● **Stored dataset items**
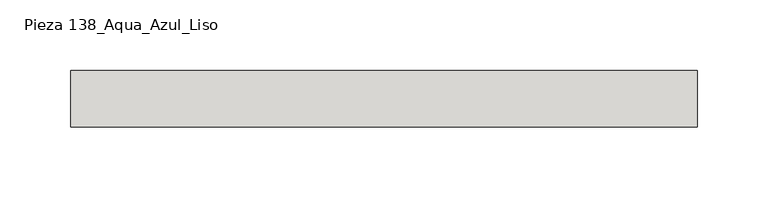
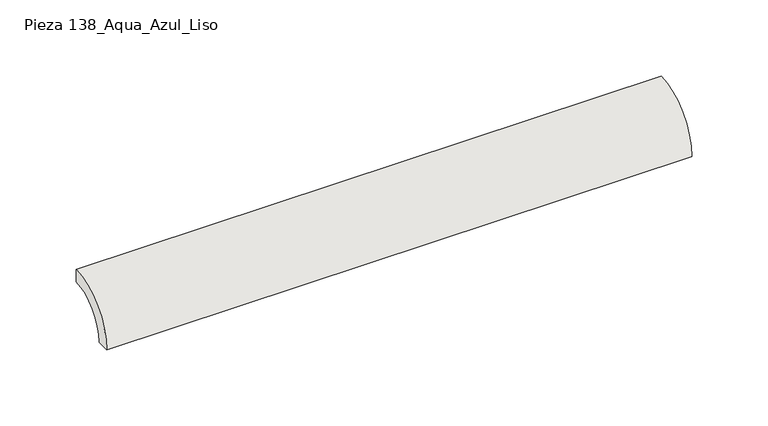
"""IFC4 building model written with IfcOpenShell, lengths in millimetres: slab geometry, ROSA GRES_138 : Pieza 138_Aqua_Azul_Liso."""

from ifc_helpers import new_model, si_unit, point, frame, frame_2d, origin, origin_2d, place, context, project, spatial, polyline, circle_curve, trimmed, segment, composite_curve, outline, extrude, source, transform, mapped, element, save


def pieza_138_aqua_azul_liso_8b39e214(model_context):
    return source(origin(), model_context, "Body", "SweptSolid", [
        extrude(outline(composite_curve([segment(polyline([(0.0, 40.0), (0.0, 30.0265886)]), True, "CONTINUOUS"), segment(trimmed(circle_curve(frame_2d((-0.0044453, 0.0044453)), 30.0221435), [point((0.0, 30.0265886))], [point((-30.0265886, 0.0))], True, "CARTESIAN"), True, "CONTINUOUS"), segment(polyline([(-30.0265886, 0.0), (-40.0, 0.0)]), True, "CONTINUOUS"), segment(trimmed(circle_curve(origin_2d(), 40.0), [point((-40.0, 0.0))], [point((0.0, 40.0))], False, "CARTESIAN"), True, "CONTINUOUS")], self_intersect=False)), frame((0.0, 0.0, 0.0), z_axis=(1.0, 0.0, 0.0), x_axis=(0.0, 1.0, 0.0)), (0.0, 0.0, 1.0), 443.005793),
    ])


if __name__ == "__main__":
    model = new_model("IFC4")
    model_context = context("Model", 3, world=origin())
    ifc_project = project(units=[si_unit("LENGTHUNIT", "METRE", prefix="MILLI")], contexts=[model_context])
    site = spatial("IfcSite", under=ifc_project)
    building = spatial("IfcBuilding", under=site)
    placement = place(None, origin())
    pieza_138_aqua_azul_liso_shape = pieza_138_aqua_azul_liso_8b39e214(model_context)
    element("IfcSlab", 1, ObjectType="ROSA GRES_138 : Pieza 138_Aqua_Azul_Liso", at=placement, inside=building, context=model_context, shape_type="MappedRepresentation", body=[
        mapped(pieza_138_aqua_azul_liso_shape, transform((0.0, 0.0, 0.0), x_axis=(1.0, 0.0, 0.0), y_axis=(0.0, 1.0, 0.0), z_axis=(0.0, 0.0, 1.0))),
    ])
    save(model, "model.ifc")

● **PROBLEM DESCRIPTION**
Could you return all the entries exactly as they appear, minus the pictures?

● **ANSWER TO THE EXERCISE**
"""IFC4 building model written with IfcOpenShell, lengths in millimetres: slab geometry, ROSA GRES_138 : Pieza 138_Aqua_Azul_Liso."""

from ifc_helpers import new_model, si_unit, point, frame, frame_2d, origin, origin_2d, place, context, project, spatial, polyline, circle_curve, trimmed, segment, composite_curve, outline, extrude, source, transform, mapped, element, save


def pieza_138_aqua_azul_liso_8b39e214(model_context):
    return source(origin(), model_context, "Body", "SweptSolid", [
        extrude(outline(composite_curve([segment(polyline([(0.0, 40.0), (0.0, 30.0265886)]), True, "CONTINUOUS"), segment(trimmed(circle_curve(frame_2d((-0.0044453, 0.0044453)), 30.0221435), [point((0.0, 30.0265886))], [point((-30.0265886, 0.0))], True, "CARTESIAN"), True, "CONTINUOUS"), segment(polyline([(-30.0265886, 0.0), (-40.0, 0.0)]), True, "CONTINUOUS"), segment(trimmed(circle_curve(origin_2d(), 40.0), [point((-40.0, 0.0))], [point((0.0, 40.0))], False, "CARTESIAN"), True, "CONTINUOUS")], self_intersect=False)), frame((0.0, 0.0, 0.0), z_axis=(1.0, 0.0, 0.0), x_axis=(0.0, 1.0, 0.0)), (0.0, 0.0, 1.0), 443.005793),
    ])


if __name__ == "__main__":
    model = new_model("IFC4")
    model_context = context("Model", 3, world=origin())
    ifc_project = project(units=[si_unit("LENGTHUNIT", "METRE", prefix="MILLI")], contexts=[model_context])
    site = spatial("IfcSite", under=ifc_project)
    building = spatial("IfcBuilding", under=site)
    placement = place(None, origin())
    pieza_138_aqua_azul_liso_shape = pieza_138_aqua_azul_liso_8b39e214(model_context)
    element("IfcSlab", 1, ObjectType="ROSA GRES_138 : Pieza 138_Aqua_Azul_Liso", at=placement, inside=building, context=model_context, shape_type="MappedRepresentation", body=[
        mapped(pieza_138_aqua_azul_liso_shape, transform((0.0, 0.0, 0.0), x_axis=(1.0, 0.0, 0.0), y_axis=(0.0, 1.0, 0.0), z_axis=(0.0, 0.0, 1.0))),
    ])
    save(model, "model.ifc")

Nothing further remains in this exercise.